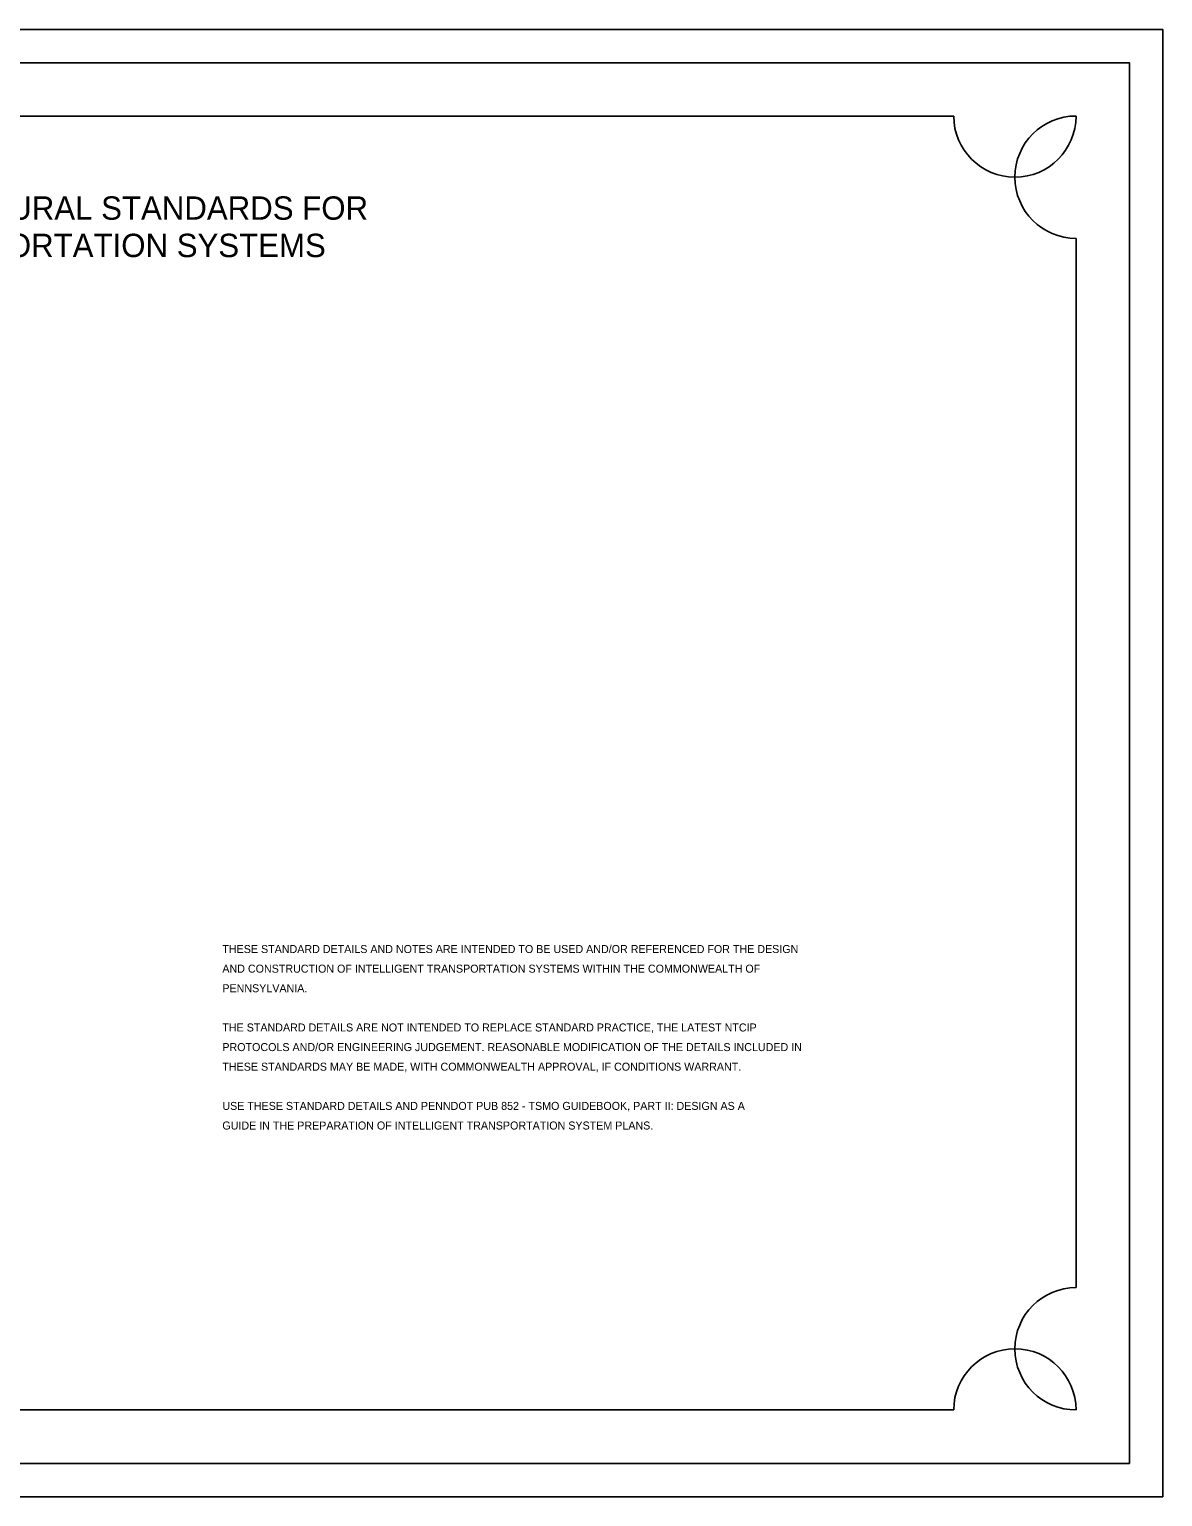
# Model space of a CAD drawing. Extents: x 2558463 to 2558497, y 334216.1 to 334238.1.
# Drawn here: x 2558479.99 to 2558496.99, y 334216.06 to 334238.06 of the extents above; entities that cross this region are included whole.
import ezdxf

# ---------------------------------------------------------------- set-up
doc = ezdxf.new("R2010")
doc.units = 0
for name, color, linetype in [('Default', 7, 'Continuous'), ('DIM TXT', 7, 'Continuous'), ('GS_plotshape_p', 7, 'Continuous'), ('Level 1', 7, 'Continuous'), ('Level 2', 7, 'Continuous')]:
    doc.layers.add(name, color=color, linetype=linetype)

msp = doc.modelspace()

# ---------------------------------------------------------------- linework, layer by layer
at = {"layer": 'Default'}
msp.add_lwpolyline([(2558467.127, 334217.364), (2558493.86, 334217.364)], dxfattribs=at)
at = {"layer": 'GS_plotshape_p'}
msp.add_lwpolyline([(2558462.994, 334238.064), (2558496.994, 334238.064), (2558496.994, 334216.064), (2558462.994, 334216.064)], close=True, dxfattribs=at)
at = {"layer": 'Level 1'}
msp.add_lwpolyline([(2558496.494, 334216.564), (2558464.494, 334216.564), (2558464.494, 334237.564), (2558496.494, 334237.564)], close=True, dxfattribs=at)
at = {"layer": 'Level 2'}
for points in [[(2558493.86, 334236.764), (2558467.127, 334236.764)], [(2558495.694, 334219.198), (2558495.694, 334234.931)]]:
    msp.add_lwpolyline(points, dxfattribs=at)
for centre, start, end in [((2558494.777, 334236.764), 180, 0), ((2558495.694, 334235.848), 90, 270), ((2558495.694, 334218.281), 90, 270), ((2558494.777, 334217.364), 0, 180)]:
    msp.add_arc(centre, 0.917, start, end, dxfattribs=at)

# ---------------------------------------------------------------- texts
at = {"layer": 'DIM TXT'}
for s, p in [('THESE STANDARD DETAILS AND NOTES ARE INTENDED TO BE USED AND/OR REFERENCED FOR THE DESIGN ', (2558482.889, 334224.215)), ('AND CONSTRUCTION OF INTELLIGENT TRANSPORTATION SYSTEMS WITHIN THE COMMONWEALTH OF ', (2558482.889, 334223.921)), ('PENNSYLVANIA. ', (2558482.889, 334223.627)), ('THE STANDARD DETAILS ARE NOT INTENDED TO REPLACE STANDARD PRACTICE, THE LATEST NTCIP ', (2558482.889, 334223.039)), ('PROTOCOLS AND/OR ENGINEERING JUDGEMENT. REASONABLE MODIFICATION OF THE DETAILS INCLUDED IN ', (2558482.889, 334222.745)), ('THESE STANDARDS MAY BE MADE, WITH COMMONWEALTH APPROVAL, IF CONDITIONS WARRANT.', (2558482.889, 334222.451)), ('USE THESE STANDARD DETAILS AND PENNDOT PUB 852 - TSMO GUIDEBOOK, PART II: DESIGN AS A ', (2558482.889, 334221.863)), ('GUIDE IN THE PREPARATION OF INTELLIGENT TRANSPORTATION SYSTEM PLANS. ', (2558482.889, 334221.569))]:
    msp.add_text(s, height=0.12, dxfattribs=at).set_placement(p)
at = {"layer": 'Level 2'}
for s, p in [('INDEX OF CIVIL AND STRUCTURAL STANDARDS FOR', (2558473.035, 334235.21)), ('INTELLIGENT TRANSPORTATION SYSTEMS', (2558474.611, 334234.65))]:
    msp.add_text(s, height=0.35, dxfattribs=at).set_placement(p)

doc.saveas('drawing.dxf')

(Exercise brief):
From the records, copy out each line that includes the string "name".

(Solution to the exercise):
for name, color, linetype in [('Default', 7, 'Continuous'), ('DIM TXT', 7, 'Continuous'), ('GS_plotshape_p', 7, 'Continuous'), ('Level 1', 7, 'Continuous'), ('Level 2', 7, 'Continuous')]:
    doc.layers.add(name, color=color, linetype=linetype)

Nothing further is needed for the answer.